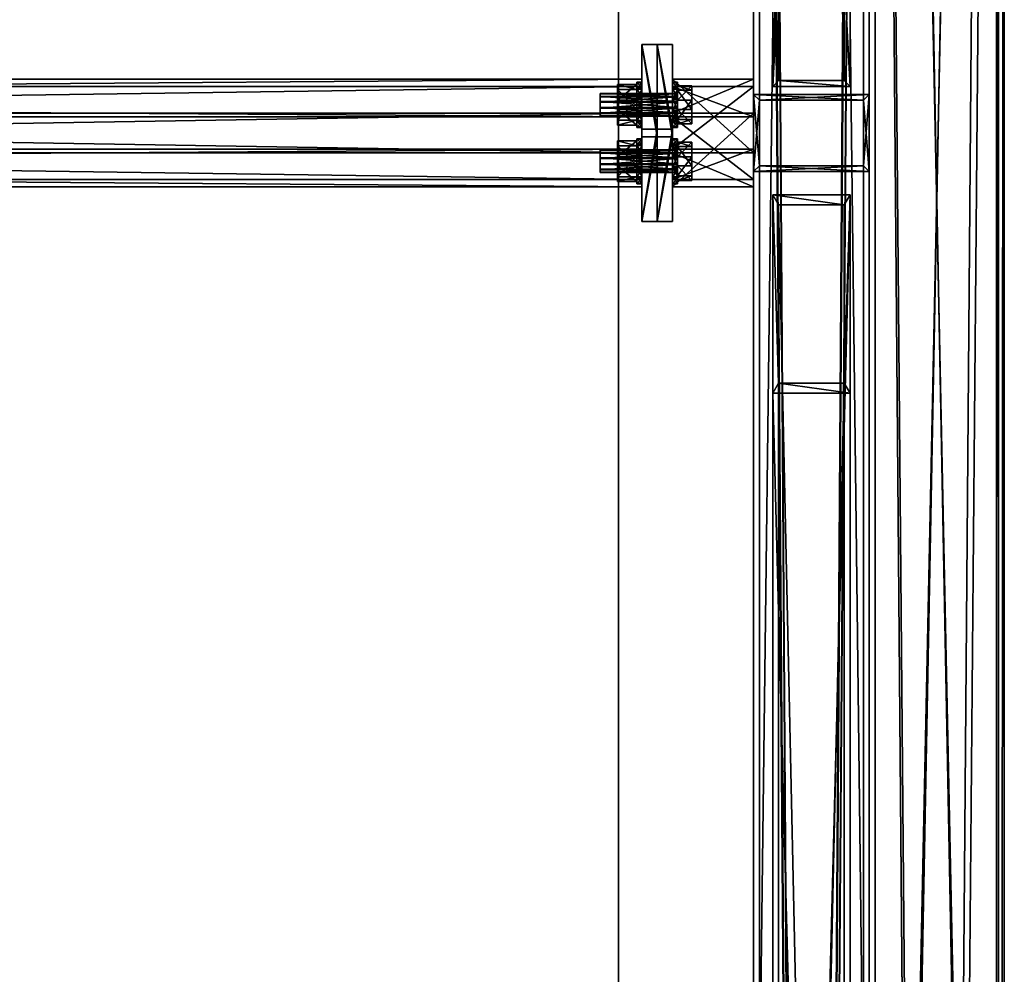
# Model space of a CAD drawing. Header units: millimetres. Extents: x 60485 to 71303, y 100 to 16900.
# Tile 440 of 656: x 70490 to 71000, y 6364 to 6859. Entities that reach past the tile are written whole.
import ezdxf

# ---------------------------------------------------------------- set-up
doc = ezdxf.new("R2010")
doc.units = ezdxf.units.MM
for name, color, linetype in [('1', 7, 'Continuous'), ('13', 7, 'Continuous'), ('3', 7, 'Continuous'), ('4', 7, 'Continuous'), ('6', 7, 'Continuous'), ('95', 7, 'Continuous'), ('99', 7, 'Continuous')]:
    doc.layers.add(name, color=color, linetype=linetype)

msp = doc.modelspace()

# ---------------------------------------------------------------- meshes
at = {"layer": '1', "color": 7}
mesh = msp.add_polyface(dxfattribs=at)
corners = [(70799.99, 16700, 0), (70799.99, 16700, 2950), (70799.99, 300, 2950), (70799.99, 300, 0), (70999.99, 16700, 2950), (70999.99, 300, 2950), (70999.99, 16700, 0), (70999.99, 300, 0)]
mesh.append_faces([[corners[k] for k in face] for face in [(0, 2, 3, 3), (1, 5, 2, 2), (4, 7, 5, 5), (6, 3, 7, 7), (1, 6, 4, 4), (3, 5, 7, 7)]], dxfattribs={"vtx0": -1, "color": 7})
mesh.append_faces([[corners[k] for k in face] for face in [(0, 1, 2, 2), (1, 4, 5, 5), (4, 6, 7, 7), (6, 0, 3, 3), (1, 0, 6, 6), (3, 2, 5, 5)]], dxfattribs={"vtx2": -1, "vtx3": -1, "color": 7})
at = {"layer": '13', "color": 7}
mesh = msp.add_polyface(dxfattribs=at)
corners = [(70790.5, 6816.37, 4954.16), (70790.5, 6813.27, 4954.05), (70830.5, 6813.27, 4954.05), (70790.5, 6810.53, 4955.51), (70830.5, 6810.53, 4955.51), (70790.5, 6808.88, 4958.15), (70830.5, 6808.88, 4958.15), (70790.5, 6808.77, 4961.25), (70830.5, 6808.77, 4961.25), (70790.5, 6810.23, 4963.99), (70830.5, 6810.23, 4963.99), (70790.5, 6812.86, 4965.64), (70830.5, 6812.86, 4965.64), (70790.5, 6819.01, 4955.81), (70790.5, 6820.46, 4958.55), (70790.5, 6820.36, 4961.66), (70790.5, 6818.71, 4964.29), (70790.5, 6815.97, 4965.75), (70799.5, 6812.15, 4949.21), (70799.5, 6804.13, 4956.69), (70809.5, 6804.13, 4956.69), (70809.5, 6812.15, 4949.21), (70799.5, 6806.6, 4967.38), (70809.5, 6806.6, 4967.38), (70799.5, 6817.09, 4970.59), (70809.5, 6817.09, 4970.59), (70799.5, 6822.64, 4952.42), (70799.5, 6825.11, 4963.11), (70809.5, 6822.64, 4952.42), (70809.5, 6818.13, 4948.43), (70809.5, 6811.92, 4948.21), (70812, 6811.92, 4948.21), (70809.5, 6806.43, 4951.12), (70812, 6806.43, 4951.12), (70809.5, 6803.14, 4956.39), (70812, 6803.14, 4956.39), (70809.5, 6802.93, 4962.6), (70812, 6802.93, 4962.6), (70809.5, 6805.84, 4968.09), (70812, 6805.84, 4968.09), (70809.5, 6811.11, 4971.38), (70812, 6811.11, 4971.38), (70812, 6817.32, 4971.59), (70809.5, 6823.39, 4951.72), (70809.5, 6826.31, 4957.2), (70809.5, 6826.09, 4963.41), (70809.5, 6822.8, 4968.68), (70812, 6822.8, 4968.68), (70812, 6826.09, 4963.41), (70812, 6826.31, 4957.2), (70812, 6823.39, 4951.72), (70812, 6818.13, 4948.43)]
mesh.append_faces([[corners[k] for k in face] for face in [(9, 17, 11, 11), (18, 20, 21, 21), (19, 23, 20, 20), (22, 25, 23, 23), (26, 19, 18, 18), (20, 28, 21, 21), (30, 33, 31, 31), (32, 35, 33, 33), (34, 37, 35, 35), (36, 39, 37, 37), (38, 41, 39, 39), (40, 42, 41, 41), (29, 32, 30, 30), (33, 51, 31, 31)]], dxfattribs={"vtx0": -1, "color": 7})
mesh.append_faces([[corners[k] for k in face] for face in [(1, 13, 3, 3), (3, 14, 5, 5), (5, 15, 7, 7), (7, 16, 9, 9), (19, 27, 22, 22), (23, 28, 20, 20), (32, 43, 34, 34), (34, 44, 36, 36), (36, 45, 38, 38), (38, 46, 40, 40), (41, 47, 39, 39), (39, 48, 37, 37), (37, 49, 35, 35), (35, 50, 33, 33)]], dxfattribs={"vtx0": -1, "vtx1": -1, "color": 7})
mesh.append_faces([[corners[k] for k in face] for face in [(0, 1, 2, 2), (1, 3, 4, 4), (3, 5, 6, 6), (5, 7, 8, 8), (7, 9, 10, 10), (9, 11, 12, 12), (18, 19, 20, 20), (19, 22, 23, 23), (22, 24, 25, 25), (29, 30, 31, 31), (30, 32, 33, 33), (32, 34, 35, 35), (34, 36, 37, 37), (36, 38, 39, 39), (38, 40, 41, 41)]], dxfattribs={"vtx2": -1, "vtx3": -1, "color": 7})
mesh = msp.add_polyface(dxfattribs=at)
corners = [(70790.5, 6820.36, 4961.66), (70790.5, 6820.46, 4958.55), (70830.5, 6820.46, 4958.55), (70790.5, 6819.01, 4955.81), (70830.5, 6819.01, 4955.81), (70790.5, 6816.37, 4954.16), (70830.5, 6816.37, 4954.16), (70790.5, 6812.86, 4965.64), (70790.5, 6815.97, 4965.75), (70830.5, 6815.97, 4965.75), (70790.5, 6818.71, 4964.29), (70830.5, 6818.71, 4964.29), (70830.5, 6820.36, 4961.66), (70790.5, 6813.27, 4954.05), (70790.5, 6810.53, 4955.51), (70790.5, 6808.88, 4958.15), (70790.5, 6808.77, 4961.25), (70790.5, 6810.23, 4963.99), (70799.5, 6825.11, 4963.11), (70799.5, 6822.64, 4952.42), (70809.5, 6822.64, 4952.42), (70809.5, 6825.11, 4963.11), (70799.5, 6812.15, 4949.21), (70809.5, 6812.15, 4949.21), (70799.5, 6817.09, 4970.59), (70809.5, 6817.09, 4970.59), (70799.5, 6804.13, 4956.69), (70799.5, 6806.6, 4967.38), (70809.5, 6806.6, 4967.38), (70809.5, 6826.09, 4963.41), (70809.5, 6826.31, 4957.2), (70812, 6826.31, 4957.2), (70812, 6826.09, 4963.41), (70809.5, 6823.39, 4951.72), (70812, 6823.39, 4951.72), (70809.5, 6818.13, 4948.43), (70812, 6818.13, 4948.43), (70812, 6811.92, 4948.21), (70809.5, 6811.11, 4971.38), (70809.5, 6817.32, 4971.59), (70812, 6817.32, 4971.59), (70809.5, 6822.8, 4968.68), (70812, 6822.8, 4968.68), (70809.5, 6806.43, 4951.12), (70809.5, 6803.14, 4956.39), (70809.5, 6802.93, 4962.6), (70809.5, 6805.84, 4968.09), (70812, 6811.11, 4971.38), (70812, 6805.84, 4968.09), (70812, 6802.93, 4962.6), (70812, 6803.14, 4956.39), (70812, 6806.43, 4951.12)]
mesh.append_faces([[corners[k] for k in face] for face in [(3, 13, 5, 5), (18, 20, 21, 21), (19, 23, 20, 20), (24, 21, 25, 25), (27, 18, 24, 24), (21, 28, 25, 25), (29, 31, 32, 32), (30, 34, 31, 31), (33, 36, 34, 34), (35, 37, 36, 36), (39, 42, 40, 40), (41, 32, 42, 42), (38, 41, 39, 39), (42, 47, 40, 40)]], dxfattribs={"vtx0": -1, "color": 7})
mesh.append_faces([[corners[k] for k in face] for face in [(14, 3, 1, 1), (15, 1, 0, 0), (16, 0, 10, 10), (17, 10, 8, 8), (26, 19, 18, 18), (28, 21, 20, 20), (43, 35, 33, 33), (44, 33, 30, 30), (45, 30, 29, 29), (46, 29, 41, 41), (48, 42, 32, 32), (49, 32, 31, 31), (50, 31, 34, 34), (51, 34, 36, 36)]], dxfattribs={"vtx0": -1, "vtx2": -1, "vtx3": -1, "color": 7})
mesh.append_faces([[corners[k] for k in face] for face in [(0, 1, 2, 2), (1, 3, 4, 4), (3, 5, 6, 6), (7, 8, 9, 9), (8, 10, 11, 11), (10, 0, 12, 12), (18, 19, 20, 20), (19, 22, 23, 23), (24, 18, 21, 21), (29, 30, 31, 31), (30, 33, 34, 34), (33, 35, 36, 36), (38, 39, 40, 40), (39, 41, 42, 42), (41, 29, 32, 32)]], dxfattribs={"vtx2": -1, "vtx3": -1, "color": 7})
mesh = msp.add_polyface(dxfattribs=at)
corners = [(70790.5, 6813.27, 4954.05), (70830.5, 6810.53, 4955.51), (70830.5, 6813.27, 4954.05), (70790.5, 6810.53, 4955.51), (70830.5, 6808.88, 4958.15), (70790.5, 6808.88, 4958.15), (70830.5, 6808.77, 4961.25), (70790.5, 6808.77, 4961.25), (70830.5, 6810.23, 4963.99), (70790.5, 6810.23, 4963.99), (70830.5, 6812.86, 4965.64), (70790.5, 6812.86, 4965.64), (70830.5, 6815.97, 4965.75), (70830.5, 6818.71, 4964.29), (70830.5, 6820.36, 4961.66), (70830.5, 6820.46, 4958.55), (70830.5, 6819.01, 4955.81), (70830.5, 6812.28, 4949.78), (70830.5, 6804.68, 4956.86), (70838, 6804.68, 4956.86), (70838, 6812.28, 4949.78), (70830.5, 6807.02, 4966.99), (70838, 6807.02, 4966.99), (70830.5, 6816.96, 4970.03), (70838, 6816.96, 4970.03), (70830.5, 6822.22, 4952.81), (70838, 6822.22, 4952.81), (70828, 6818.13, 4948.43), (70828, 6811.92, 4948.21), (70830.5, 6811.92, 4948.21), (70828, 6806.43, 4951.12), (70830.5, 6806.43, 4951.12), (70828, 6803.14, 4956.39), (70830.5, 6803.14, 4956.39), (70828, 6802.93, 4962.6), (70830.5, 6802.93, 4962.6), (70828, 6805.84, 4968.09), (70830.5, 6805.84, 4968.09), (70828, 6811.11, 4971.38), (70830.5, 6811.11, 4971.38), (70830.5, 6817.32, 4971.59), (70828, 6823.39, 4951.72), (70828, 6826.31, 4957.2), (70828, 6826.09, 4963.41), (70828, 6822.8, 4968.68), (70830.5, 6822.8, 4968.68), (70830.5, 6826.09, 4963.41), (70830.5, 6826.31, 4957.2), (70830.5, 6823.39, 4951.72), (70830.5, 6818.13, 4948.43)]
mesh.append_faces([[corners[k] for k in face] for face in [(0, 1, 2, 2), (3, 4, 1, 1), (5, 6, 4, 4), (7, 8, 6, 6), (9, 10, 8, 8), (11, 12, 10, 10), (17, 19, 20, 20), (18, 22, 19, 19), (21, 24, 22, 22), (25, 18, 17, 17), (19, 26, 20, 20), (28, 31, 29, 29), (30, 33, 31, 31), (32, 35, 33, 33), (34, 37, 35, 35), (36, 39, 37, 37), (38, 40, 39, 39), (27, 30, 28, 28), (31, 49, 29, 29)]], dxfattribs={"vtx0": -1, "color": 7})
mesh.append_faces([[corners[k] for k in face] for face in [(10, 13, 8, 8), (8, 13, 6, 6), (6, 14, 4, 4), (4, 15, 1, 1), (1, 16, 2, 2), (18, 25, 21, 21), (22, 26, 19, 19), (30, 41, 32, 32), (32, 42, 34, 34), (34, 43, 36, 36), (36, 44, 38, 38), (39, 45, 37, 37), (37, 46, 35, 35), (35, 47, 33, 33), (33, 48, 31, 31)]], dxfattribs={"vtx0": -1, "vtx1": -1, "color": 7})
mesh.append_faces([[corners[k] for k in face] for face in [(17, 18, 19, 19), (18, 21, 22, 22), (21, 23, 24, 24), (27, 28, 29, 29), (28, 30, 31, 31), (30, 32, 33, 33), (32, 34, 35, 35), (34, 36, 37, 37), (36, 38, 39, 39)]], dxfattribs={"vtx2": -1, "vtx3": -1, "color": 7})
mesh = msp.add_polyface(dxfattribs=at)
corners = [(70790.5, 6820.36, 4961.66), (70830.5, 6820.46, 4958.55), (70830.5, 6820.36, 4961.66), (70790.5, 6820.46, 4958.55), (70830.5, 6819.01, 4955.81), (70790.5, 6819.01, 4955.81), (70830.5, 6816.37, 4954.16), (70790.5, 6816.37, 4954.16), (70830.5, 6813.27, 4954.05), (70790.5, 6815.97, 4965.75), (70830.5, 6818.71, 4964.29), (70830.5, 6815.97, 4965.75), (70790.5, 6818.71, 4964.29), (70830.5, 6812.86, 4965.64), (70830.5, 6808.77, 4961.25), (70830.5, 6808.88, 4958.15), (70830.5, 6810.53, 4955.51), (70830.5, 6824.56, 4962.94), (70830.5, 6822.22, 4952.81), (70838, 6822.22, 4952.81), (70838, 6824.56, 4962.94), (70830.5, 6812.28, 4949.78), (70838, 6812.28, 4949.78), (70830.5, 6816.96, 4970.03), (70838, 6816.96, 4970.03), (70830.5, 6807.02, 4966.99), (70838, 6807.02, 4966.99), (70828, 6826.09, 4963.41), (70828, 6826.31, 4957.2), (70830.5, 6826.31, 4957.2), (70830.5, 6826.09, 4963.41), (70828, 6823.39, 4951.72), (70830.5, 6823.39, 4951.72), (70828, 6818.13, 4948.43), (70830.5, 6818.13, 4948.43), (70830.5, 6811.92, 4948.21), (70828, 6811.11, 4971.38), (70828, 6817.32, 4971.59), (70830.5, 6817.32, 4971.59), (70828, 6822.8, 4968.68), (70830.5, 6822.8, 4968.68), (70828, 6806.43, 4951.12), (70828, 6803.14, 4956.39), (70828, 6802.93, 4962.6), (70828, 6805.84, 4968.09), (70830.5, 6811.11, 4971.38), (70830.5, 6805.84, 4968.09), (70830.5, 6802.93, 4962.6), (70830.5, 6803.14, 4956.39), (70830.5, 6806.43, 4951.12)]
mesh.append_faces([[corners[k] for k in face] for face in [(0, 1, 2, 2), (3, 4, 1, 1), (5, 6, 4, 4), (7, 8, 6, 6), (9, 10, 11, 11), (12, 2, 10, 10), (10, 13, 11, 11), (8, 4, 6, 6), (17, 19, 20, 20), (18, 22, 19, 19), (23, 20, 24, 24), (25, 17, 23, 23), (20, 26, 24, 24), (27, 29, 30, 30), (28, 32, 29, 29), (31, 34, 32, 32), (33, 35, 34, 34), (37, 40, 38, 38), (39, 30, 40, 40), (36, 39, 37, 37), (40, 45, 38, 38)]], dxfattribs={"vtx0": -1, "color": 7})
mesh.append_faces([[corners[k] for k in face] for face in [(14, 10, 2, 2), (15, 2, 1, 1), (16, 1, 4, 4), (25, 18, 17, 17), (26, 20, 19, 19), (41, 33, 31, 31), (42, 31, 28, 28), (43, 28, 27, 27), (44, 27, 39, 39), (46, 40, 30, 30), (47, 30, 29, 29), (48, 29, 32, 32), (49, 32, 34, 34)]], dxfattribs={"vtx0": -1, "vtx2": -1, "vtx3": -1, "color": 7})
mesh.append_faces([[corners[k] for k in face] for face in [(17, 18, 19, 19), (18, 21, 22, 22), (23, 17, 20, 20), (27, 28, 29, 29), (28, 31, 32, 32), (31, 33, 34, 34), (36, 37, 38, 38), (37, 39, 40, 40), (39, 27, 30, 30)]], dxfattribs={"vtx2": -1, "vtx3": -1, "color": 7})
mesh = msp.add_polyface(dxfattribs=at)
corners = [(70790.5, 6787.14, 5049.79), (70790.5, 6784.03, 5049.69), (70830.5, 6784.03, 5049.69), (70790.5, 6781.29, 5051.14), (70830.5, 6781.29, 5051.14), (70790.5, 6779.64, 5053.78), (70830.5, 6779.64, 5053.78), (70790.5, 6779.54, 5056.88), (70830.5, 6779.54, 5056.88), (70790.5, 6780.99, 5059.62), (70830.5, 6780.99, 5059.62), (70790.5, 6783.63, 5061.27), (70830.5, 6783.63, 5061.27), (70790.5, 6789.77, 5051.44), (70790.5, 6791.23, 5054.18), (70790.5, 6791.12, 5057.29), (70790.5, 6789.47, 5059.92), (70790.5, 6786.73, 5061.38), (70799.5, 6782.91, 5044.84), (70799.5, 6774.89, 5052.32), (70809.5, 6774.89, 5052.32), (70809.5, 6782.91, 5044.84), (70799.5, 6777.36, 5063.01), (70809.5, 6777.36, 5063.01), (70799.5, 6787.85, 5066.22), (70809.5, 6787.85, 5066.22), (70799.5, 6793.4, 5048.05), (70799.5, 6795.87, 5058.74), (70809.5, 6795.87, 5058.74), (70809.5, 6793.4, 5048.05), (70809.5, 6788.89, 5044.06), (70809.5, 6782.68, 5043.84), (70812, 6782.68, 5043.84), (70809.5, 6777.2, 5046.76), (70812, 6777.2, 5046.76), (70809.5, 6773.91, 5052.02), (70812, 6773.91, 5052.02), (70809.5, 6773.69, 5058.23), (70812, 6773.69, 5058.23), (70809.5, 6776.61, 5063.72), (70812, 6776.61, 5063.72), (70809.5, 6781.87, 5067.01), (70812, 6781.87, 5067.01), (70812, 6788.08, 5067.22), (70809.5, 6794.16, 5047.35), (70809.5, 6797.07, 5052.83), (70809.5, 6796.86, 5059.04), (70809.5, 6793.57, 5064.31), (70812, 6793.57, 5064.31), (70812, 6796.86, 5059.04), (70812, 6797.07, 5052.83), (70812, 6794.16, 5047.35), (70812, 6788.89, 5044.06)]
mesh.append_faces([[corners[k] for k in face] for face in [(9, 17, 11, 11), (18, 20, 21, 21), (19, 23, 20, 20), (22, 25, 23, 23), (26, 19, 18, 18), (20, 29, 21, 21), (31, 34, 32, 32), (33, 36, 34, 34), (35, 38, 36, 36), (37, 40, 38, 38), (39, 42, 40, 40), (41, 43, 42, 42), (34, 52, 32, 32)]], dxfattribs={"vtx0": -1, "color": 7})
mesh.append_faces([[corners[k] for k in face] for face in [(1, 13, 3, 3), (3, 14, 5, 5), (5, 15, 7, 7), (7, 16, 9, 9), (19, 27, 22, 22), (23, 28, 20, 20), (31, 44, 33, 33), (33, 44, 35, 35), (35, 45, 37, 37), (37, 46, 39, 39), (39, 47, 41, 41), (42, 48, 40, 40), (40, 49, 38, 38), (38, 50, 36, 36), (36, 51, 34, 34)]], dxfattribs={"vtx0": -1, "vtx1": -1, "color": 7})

§ **Work to complete**
Reproduce every line above containing "name".

§ **Output for this task**
for name, color, linetype in [('1', 7, 'Continuous'), ('13', 7, 'Continuous'), ('3', 7, 'Continuous'), ('4', 7, 'Continuous'), ('6', 7, 'Continuous'), ('95', 7, 'Continuous'), ('99', 7, 'Continuous')]:
    doc.layers.add(name, color=color, linetype=linetype)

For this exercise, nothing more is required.